### [The problem]
If a line in the material below has the word "lines", copy it.

═════ Records to process ═════

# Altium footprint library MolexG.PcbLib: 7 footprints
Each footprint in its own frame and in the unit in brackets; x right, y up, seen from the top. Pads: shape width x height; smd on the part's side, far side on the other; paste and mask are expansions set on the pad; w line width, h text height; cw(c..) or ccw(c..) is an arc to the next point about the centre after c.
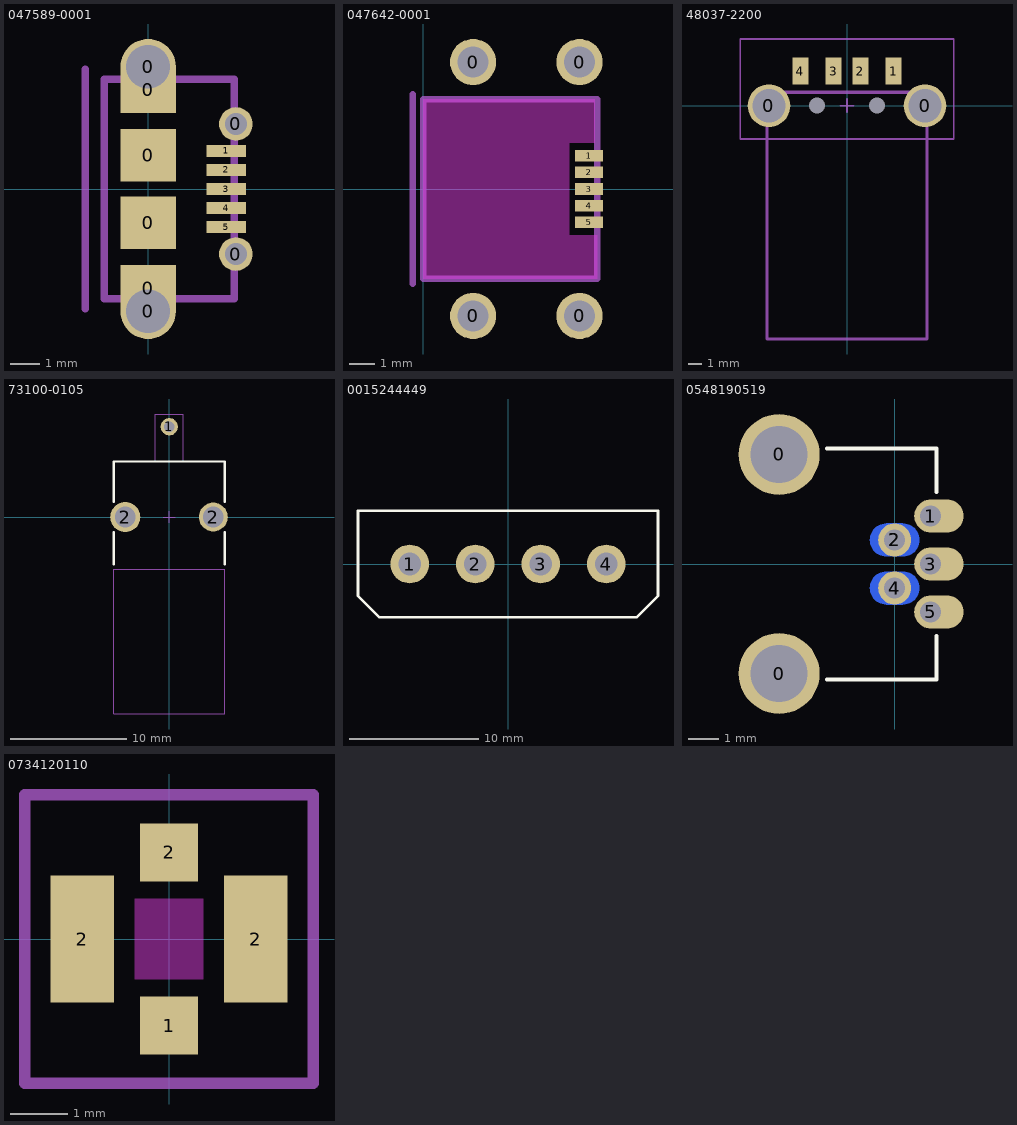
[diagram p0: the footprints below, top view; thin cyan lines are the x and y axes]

## 047589-0001 [mm] "Micro USB AB Receptacle"
height 2.5
pads (13):
  round 1.9 hole 1.5: 0(0,-4.18) 0(0,4.18)
  rect 1.9x1.6 smd: 0(0,-3.4) 0(0,3.4)
  rect 1.9x1.8 smd: 0(0,-1.15) 0(0,1.15)
  round 1.15 hole 0.75: 0(3,-2.225) 0(3,2.225)
  rect 1.35x0.4 smd: 1(2.675,1.3) 2(2.675,0.65) 3(2.675,0) 4(2.675,-0.65) 5(2.675,-1.3)
Mechanical 13:
  lines w0.254: -2.15,-4.1 -2.15,4.1 ; -1.5,-3.75 -1.5,3.75 2.95,3.75 2.95,-3.75 -1.5,-3.75
3D body: height 2.5, standoff 0, extent -1.45,-3.8 3,3.7

## 047642-0001 [mm]
pads (9):
  round 1.8 hole 1.2: 0(1.95,-4.95) 0(1.95,4.95) 0(6.1,-4.95) 0(6.1,4.95)
  rect 1.1x0.45 smd: 1(6.47,1.3) 2(6.47,0.65) 3(6.47,0) 4(6.47,-0.65) 5(6.47,-1.3)
Top Layer keep-out:
  region: 0,3.5 6.7,3.5 6.7,1.8 5.7,1.8 5.7,-1.8 6.8,-1.8 6.8,-3.5 0,-3.5
Mechanical 13:
  lines w0.254: -0.4,-3.7 -0.4,3.7 ; 0,-3.5 6.8,-3.5 6.8,3.5 0,3.5 0,-3.5
3D body: height 2.5, standoff 0, extent 0,-3.5 6.8,3.5

## 48037-2200 [mm] "USB A Type Plug SMT"
height 2.1
pads (8):
  round 3.2 hole 2.5: 0(-5.85,0) 0(5.85,0)
  round 0 hole 1.2: 0(-2.25,0) 0(2.25,0)
  rect 1.2x2 smd: 1(3.5,2.6) 2(1,2.6) 3(-1,2.6) 4(-3.5,2.6)
Mechanical 13:
  lines w0.254: -6,-2.8 -6,-17.5 6,-17.5 6,-2.8 6,1 -6,1 -6,0.9 -6,-2.7
Mechanical 15:
  lines w0.127: -0.5,0 0.5,0 ; 0,-0.5 0,0.5 ; -8,-2.5 -8,5 8,5 8,-2.5 -8,-2.5
3D body: height 2.1, standoff 0, extent -6,-17.5 6,1

## 73100-0105 [mm] "BNC Jack, right-angle"
height 8.6
pads (3):
  round 1.5 hole 0.92: 1(0,7.8)
  round 2.6 hole 1.8: 2(-3.8,0)
  round 2.5 hole 1.8: 2(3.8,0)
Top Overlay:
  lines w0.2: -4.8,-4.1 -4.8,-1.3 ; -4.8,1.3 -4.8,4.8 4.8,4.8 4.8,1.3 ; 4.8,-4.1 4.8,-1.3
Mechanical 15:
  lines w0.1: -1.2,4.8 -1.2,8.9 1.2,8.9 1.2,4.8 ; -0.5,0 0.5,0 ; 0,-0.5 0,0.5 ; -4.8,-17 -4.8,-4.5 4.8,-4.5 4.8,-17 -4.8,-17
3D body: height 8.79, standoff -0.79, extent -4.962,-17 4.6,-4
3D body: height 8.79, standoff 0.01, extent -4.365,-4 4.4,4.8

## 0015244449 [mm] "PC Power Connector, vertical"
height 10.16
pads (4):
  round 3 hole 1.778: 1(-7.62,0) 2(-2.54,0) 3(2.54,0) 4(7.62,0)
Top Overlay:
  lines w0.2: -11.63,-2.47 -9.96,-4.14 9.96,-4.14 11.63,-2.47 11.63,4.14 -11.63,4.14 -11.63,-2.47
3D body: height 10.16, standoff 0, extent -11.63,-4.14 11.63,4.14

## 0548190519 [mm] "CONN USB RECEPTACLE 5POS RT ANG"
height 4
pads (9):
  round 2.7 hole 1.9: 0(-3.85,-3.65) 0(-3.85,3.65)
  oval 1.65x1.1 hole 0.7 copper offset 0.275,0: 1(1.2,1.6) 3(1.2,0) 5(1.2,-1.6)
  round 1.1 hole 0.7: 2(0,0.8) 4(0,-0.8)
  oval 1.65x1.1 smd far side: 2(0,0.8) 4(0,-0.8)
Top Overlay:
  lines w0.127: -2.25,-3.85 1.4,-3.85 1.4,-2.4 ; -2.25,3.85 1.4,3.85 1.4,2.4
3D body: height 3.95, standoff 0, extent -7.6,-3.85 1.4,3.85

## 0734120110 [mm] "u.FL/UMCC"
height 1.3
pads (4):
  rect 1x1 smd: 1(0,-1.5) 2(0,1.5)
  rect 1.1x2.2 smd: 2(-1.5,0) 2(1.5,0)
Top Layer keep-out:
  rectangle: -0.6,-0.7 0.6,0.7
Mechanical 15:
  lines w0.2: -2.5,-2.5 2.5,-2.5 2.5,2.5 -2.5,2.5 -2.5,-2.5
3D body: height 0.36, standoff 0, extent -1.3,-1.3 1.3,1.3
3D body: height 1.3, standoff 0.36, extent -0.992,-0.998 1,0.998

═════

### [Exercise result]
[diagram p0: the footprints below, top view; thin cyan lines are the x and y axes]
  lines w0.254: -2.15,-4.1 -2.15,4.1 ; -1.5,-3.75 -1.5,3.75 2.95,3.75 2.95,-3.75 -1.5,-3.75
  lines w0.254: -0.4,-3.7 -0.4,3.7 ; 0,-3.5 6.8,-3.5 6.8,3.5 0,3.5 0,-3.5
  lines w0.254: -6,-2.8 -6,-17.5 6,-17.5 6,-2.8 6,1 -6,1 -6,0.9 -6,-2.7
  lines w0.127: -0.5,0 0.5,0 ; 0,-0.5 0,0.5 ; -8,-2.5 -8,5 8,5 8,-2.5 -8,-2.5
  lines w0.2: -4.8,-4.1 -4.8,-1.3 ; -4.8,1.3 -4.8,4.8 4.8,4.8 4.8,1.3 ; 4.8,-4.1 4.8,-1.3
  lines w0.1: -1.2,4.8 -1.2,8.9 1.2,8.9 1.2,4.8 ; -0.5,0 0.5,0 ; 0,-0.5 0,0.5 ; -4.8,-17 -4.8,-4.5 4.8,-4.5 4.8,-17 -4.8,-17
  lines w0.2: -11.63,-2.47 -9.96,-4.14 9.96,-4.14 11.63,-2.47 11.63,4.14 -11.63,4.14 -11.63,-2.47
  lines w0.127: -2.25,-3.85 1.4,-3.85 1.4,-2.4 ; -2.25,3.85 1.4,3.85 1.4,2.4
  lines w0.2: -2.5,-2.5 2.5,-2.5 2.5,2.5 -2.5,2.5 -2.5,-2.5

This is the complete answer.